**Task objective:**
Each record that comes next should be output exactly; pictures do not belong in the copy.
--- START ---
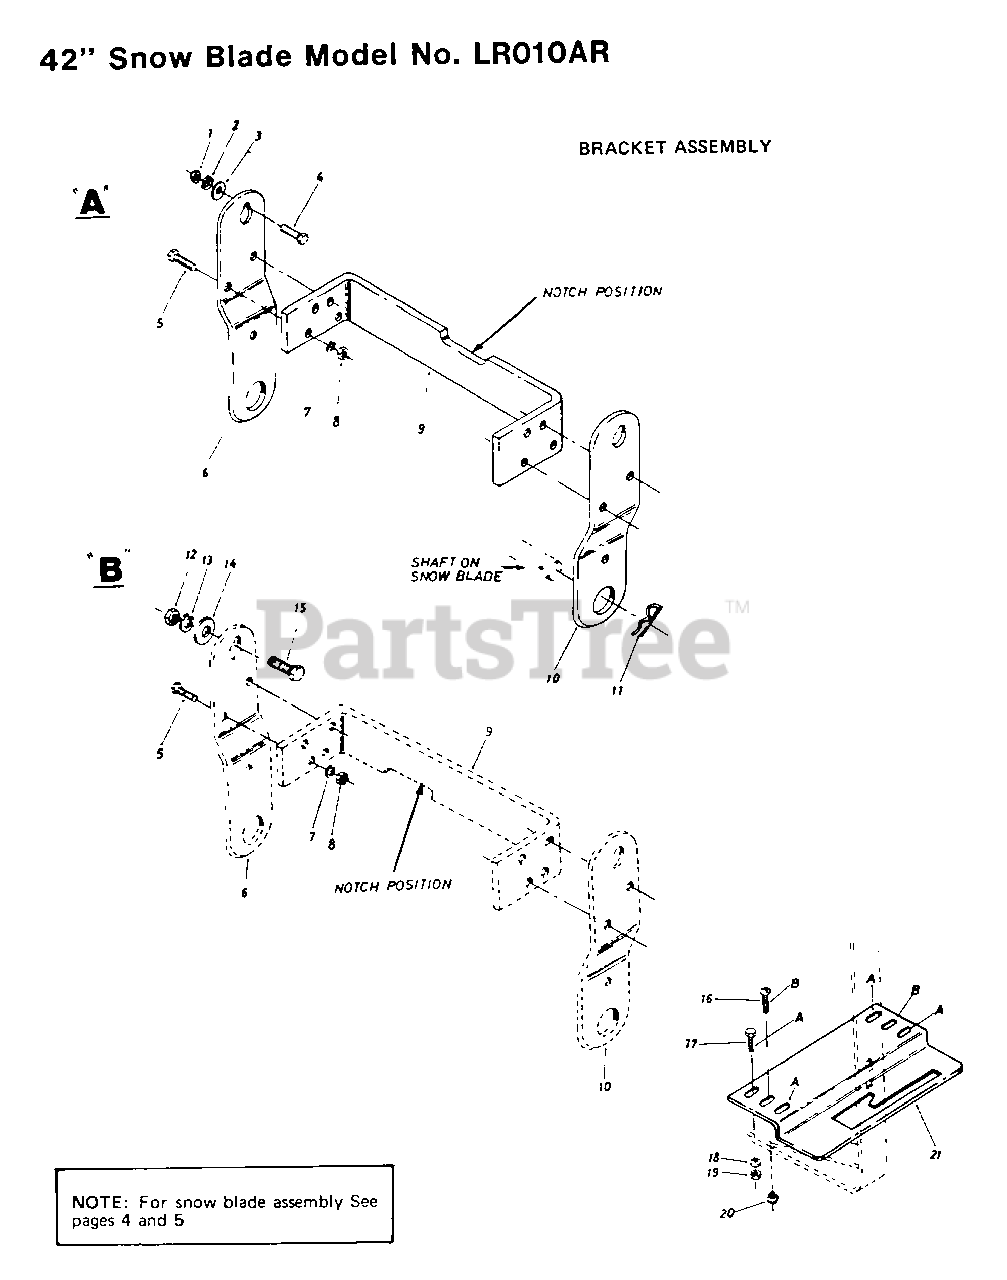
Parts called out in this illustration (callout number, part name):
6	MOUNTING BRKT
9	CROSS TIE BRKT
10	MOUNTING BRKT
11	HAIR PIN COTTER
21	LIFT LOCK PLATE
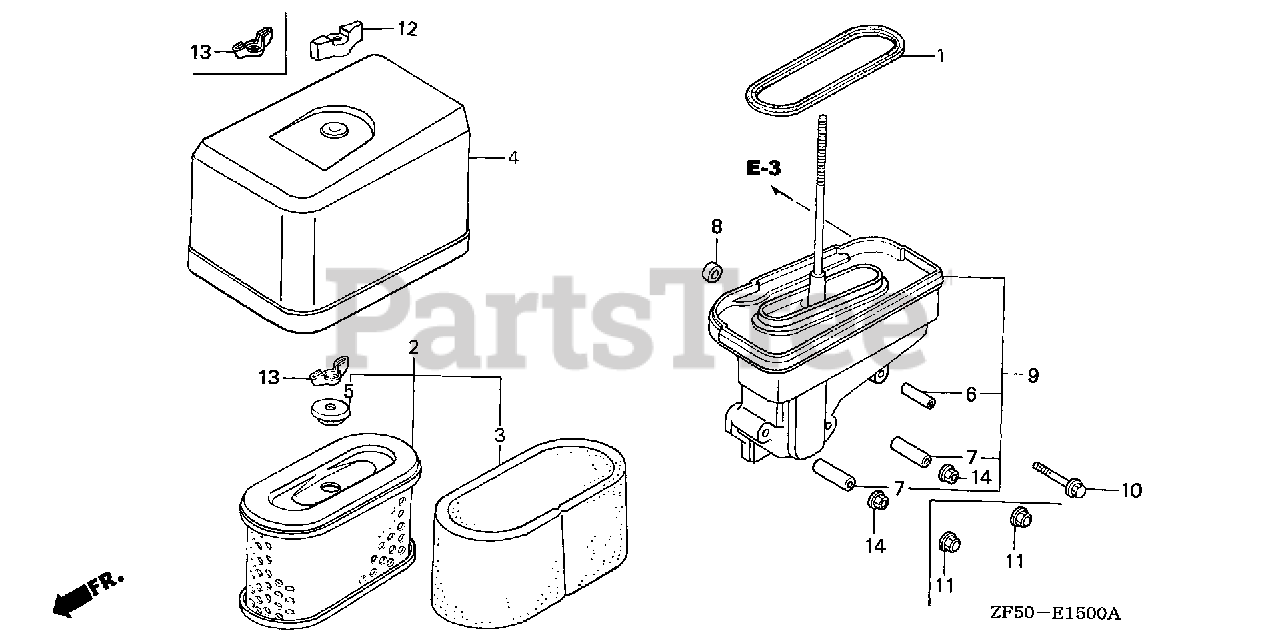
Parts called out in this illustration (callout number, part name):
1	GASKET, ELBOW
2	ELEMENT, AIR CLEANER (METAL BASE)
3	FILTER (OUTER)
4	COVER, AIR CLEANER (DUAL)
5	GROMMET, AIR CLEANER
6	COLLAR, AIR CLEANER
7	COLLAR, AIR CLEANER
9	ELBOW, AIR CLEANER
10	BOLT, FLANGE (6X35) (CT200)
11	NUT, CAP (6MM)
12	WINGNUT (6MM) (BLACK)
13	NUT, TOOL BOX SETTING
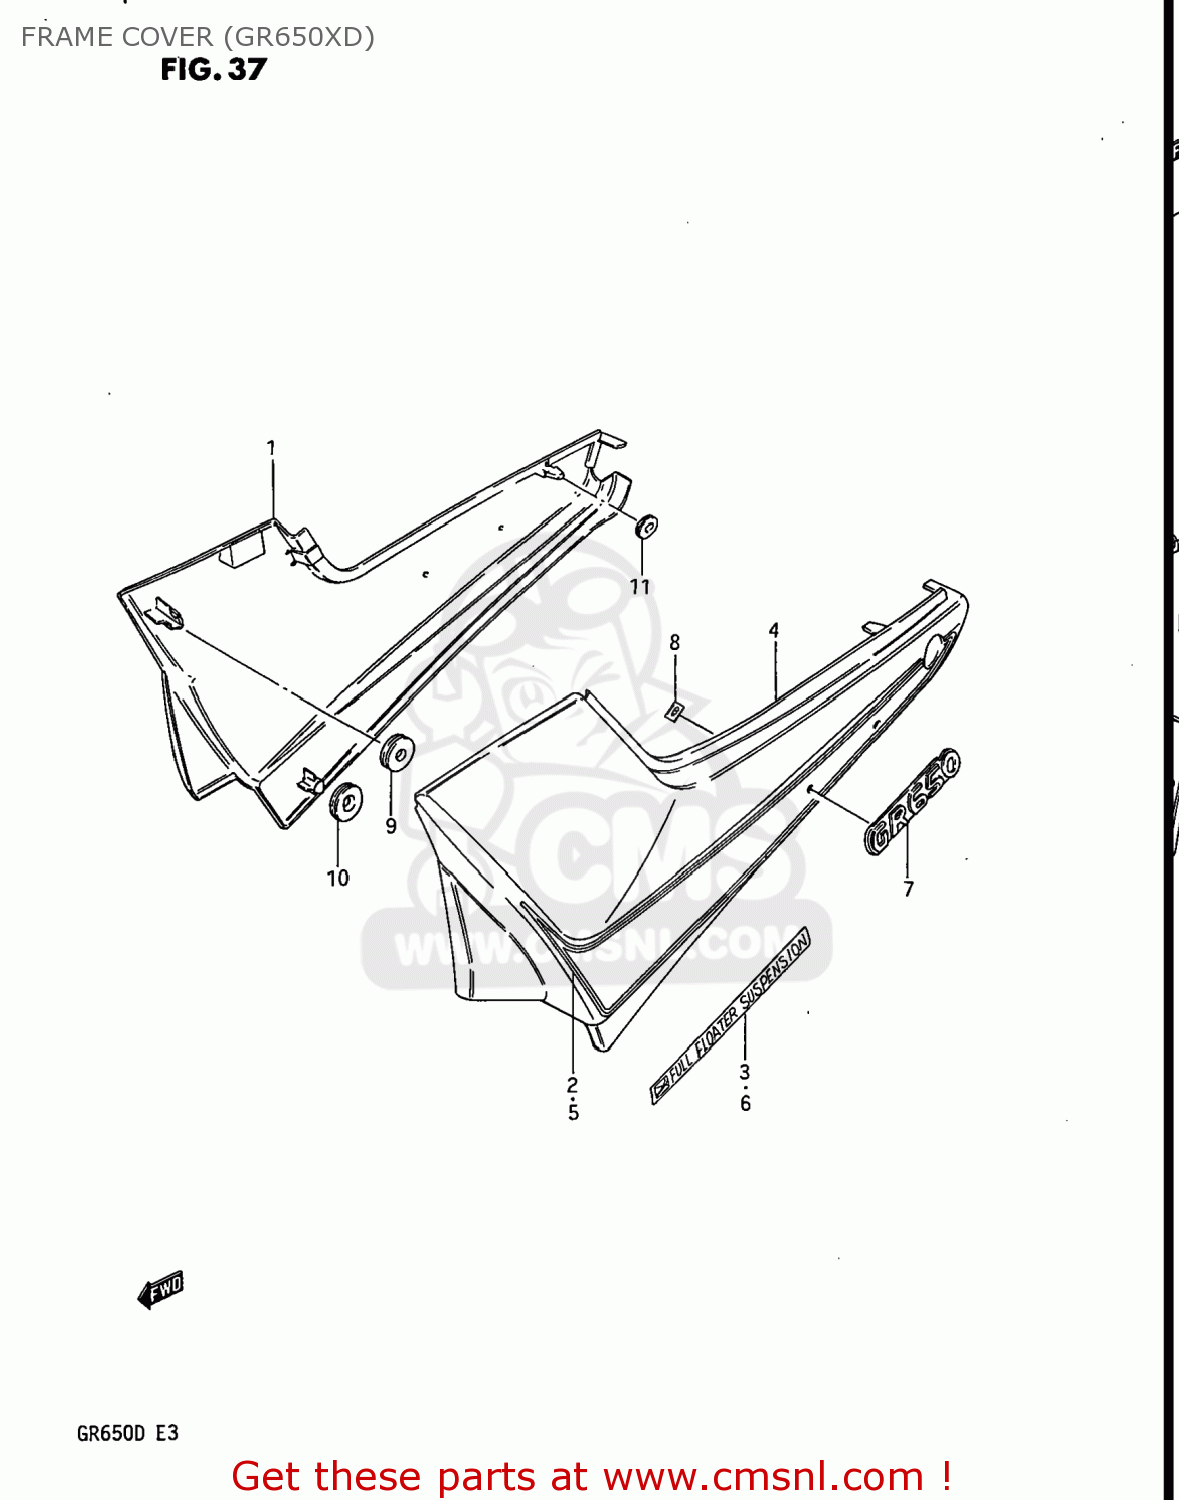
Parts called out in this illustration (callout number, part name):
--- END ---
**Result of the exercise:**
Parts called out in this illustration (callout number, part name):
6	MOUNTING BRKT
9	CROSS TIE BRKT
10	MOUNTING BRKT
11	HAIR PIN COTTER
21	LIFT LOCK PLATE
Parts called out in this illustration (callout number, part name):
1	GASKET, ELBOW
2	ELEMENT, AIR CLEANER (METAL BASE)
3	FILTER (OUTER)
4	COVER, AIR CLEANER (DUAL)
5	GROMMET, AIR CLEANER
6	COLLAR, AIR CLEANER
7	COLLAR, AIR CLEANER
9	ELBOW, AIR CLEANER
10	BOLT, FLANGE (6X35) (CT200)
11	NUT, CAP (6MM)
12	WINGNUT (6MM) (BLACK)
13	NUT, TOOL BOX SETTING
Parts called out in this illustration (callout number, part name):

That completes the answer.